Sponsored by USB’s Audit and Evaluation (A&E) Committee, the program began for Holst, and nine other farmers from around the country, at USB’s St. Louis headquarters. Participants learned more about the soy checkoff and some of the ways their soybeans are used domestically. A tour of DuPont’s™ Nutrition & Health Facility demonstrated a few of the ways soy is being incorporated into a growing number of food products.
Participants next traveled to the country that uses roughly 25 percent of all U.S. soy, China. The group first visited an aquaculture facility that recently increased production by nearly 300 percent, thanks to checkoff-funded technology and the benefits of using a soy-based feed. The farm now uses feed containing more than 60 percent soy. Participants also had the chance to tour the Shanghai Xinnong Feed Mill, which provides feed for numerous large-scale swine operations in the country. Soybean meal is an important component of the feed ration.
“We put in inputs all year long, and we put in the time and the effort, and at the end of the day our final product goes away,” Holst adds. “To see our checkoff dollars at work, and to see how the checkoff promotes our products was truly rewarding.”

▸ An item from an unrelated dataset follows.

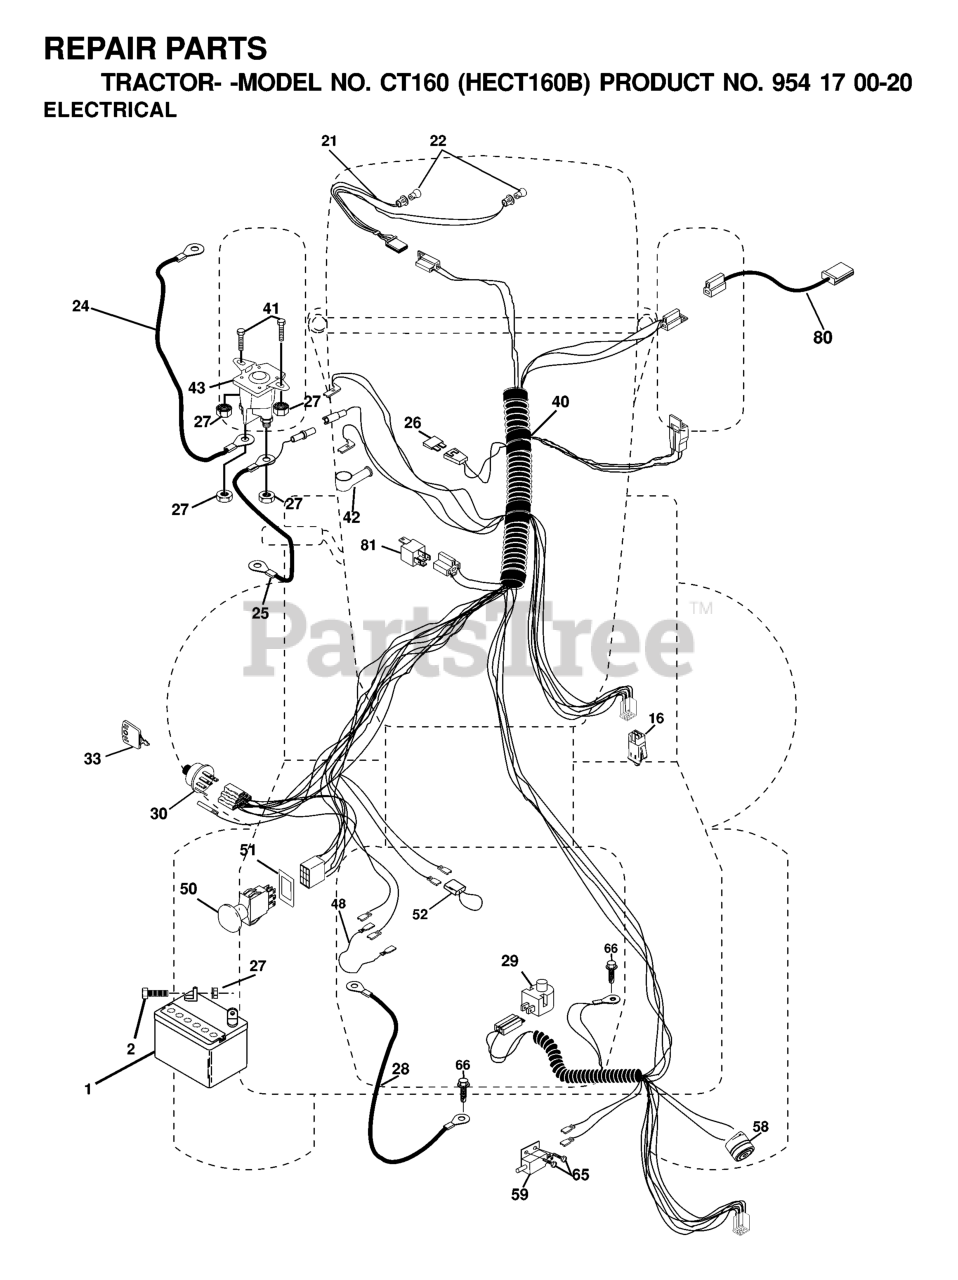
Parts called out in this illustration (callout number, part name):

The program’s final destination was Vietnam, an emerging market for U.S. soy. Participants first toured the Cai Mep Agricultural Port, which handles approximately 50 percent of all soybean meal imported into Vietnam. Roughly 300,000 metric tons of U.S. soybean meal has passed through the port just this year. One of the most beneficial stops in Vietnam was the opportunity to hear from industry representatives about the promising market outlook for U.S. soy in Vietnam in the near future.
“This year’s program was especially unique because our participants were able to see a well-established market in China, as well as a market that the checkoff is working to develop in Vietnam,” said Keith Tapp, Kentucky soybean farmer and A&E Committee chairman. “In all of our locations, I think the participants saw a wide range of activities demonstrating how the checkoff works for them and all U.S. soybean farmers.”

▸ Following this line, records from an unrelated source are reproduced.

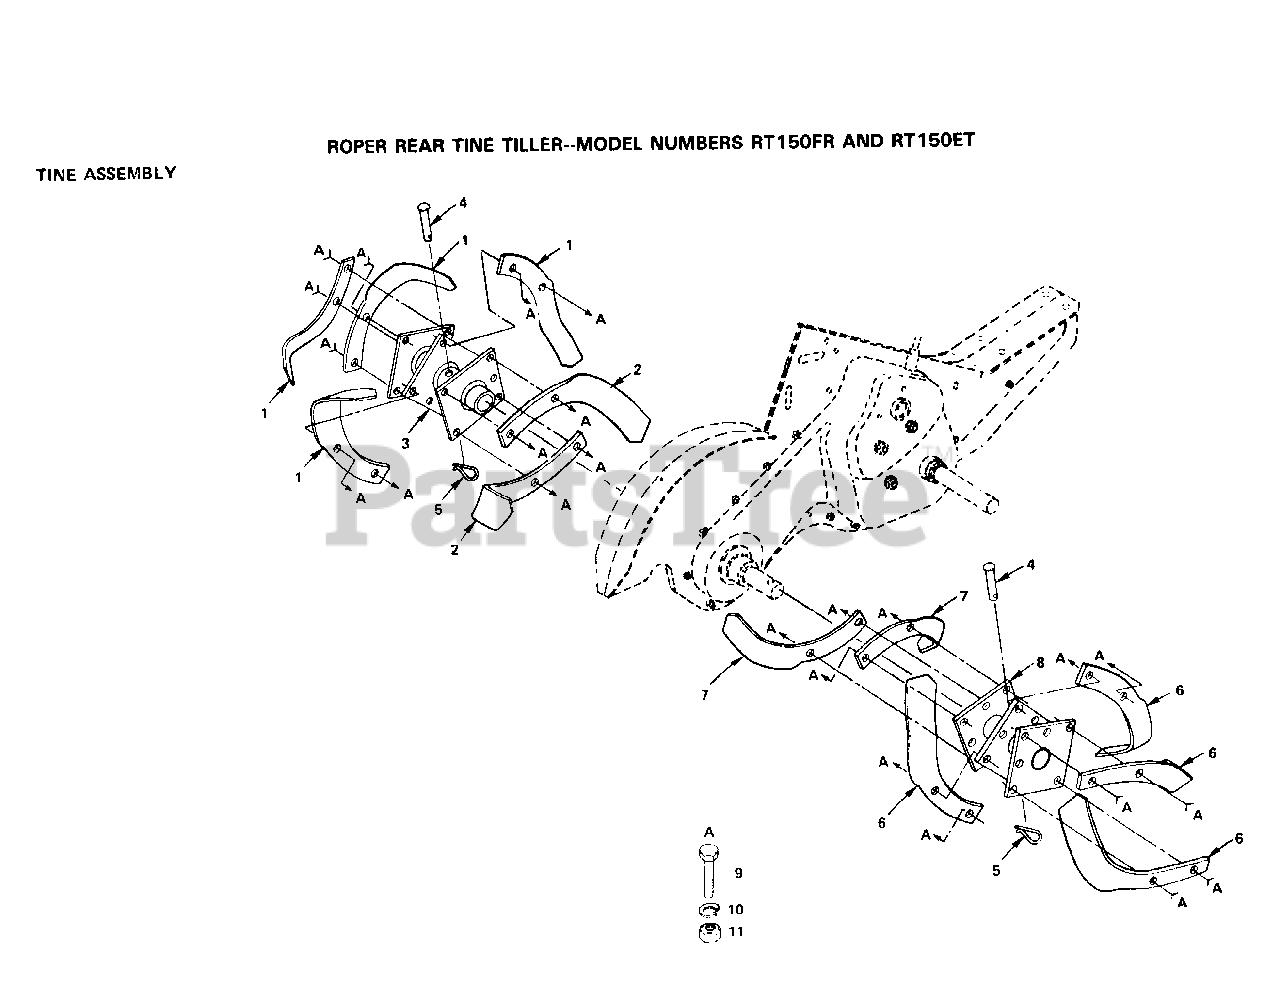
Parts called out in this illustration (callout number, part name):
2	"TINE.LH.12"""
3	TINE ASSY LH CRT
4	RIVET.PAN HD.1.75
5	RETAINER.SPRING
7	"TINE.RH.12"""
8	TINE ASSY RH CRT
9	BOLT
10	LOCKWASHER

The 70 farmer-directors of USB oversee the investments of the soy checkoff to maximize profit opportunities for all U.S. soybean farmers. These volunteers invest and leverage checkoff funds to increase the value of U.S. soy meal and oil, to ensure U.S. soybean farmers and their customers have the freedom and infrastructure to operate, and to meet the needs of U.S. soy’s customers. As stipulated in the federal Soybean Promotion, Research and Consumer Information Act, the USDA Agricultural Marketing Service has oversight responsibilities for USB and the soy checkoff.